• Exercise
Note the line where "Length unit declared in the file: millimetre" appears in the data below; write it out exactly, along with every line that comes after it to the end.

Start of Material for this task

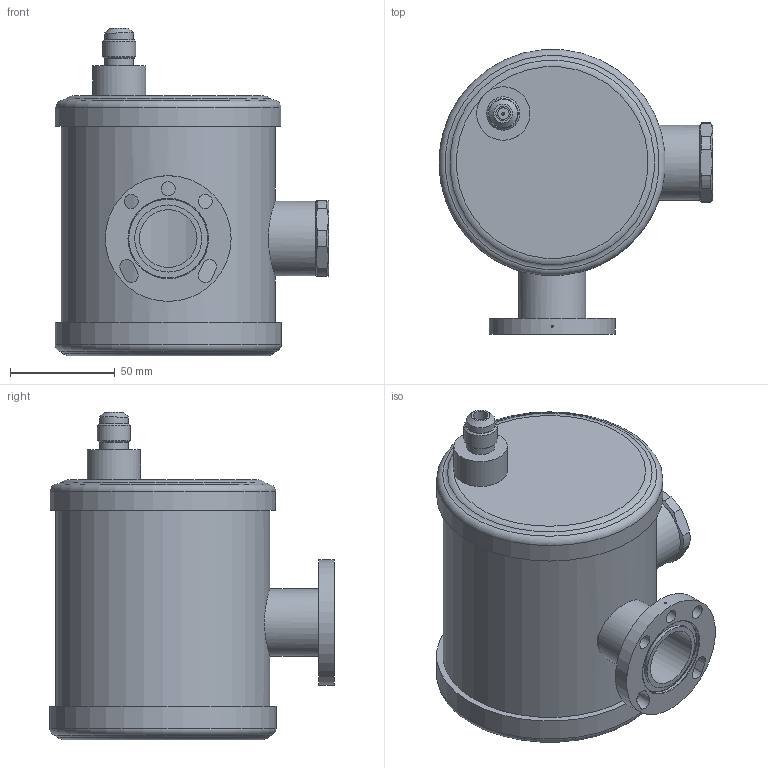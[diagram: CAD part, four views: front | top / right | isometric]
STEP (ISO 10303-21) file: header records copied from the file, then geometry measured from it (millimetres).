
FILE_DESCRIPTION(/* description */ (''),/* implementation_level */ '2;1');
FILE_NAME(/* name */ '5640_C',/* time_stamp */ '2009-07-03T13:46:40+02:00',/* author */ (''),/* organization */ (''),/* preprocessor_version */ 'ST-DEVELOPER v9',/* originating_system */ 'UGS - NX 4.0',/* authorisation */ '');
FILE_SCHEMA (('CONFIG_CONTROL_DESIGN'));
Length unit declared in the file: millimetre
Products named in the file (1): FColEC1A70b2
Bounding box: 130.7 x 135.8 x 156.4 mm (x, y, z)
Volume: 234151.5 mm3; surface area: 136237.1 mm2
Topology: 6 solids, 8 shells, 172 faces, 411 edges, 277 vertices
Faces by surface type: cylinder 76, plane 64, torus 19, cone 11, bspline 2
Full cylindrical faces by diameter (mm): 1 x1, 1.4 x1, 2 x2, 2.1 x1, 2.2 x20, 4.2 x2, 5 x1, 5.1 x1, 5.5 x1, 6.7 x3, 7 x1, 13.7 x2, 15.875 x1, 20 x1, 20.2 x1, 22 x1, 22.2 x1, 24 x1, 25.5 x1, 26.4 x1, 27 x2, 27.5 x1, 28 x1, 31.3 x1, 32 x3, 35.7 x1, 38 x1, 60 x1, 96 x1, 102 x2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
Entity records: 4803 total; most frequent: CARTESIAN_POINT 1180, DIRECTION 764, ORIENTED_EDGE 532, EDGE_LOOP 352, AXIS2_PLACEMENT_3D 350, EDGE_CURVE 266, FACE_BOUND 262, VERTEX_POINT 227

End of Material for this task

• Finished task
Length unit declared in the file: millimetre
Products named in the file (1): FColEC1A70b2
Bounding box: 130.7 x 135.8 x 156.4 mm (x, y, z)
Volume: 234151.5 mm3; surface area: 136237.1 mm2
Topology: 6 solids, 8 shells, 172 faces, 411 edges, 277 vertices
Faces by surface type: cylinder 76, plane 64, torus 19, cone 11, bspline 2
Full cylindrical faces by diameter (mm): 1 x1, 1.4 x1, 2 x2, 2.1 x1, 2.2 x20, 4.2 x2, 5 x1, 5.1 x1, 5.5 x1, 6.7 x3, 7 x1, 13.7 x2, 15.875 x1, 20 x1, 20.2 x1, 22 x1, 22.2 x1, 24 x1, 25.5 x1, 26.4 x1, 27 x2, 27.5 x1, 28 x1, 31.3 x1, 32 x3, 35.7 x1, 38 x1, 60 x1, 96 x1, 102 x2
Entity records: 4803 total; most frequent: CARTESIAN_POINT 1180, DIRECTION 764, ORIENTED_EDGE 532, EDGE_LOOP 352, AXIS2_PLACEMENT_3D 350, EDGE_CURVE 266, FACE_BOUND 262, VERTEX_POINT 227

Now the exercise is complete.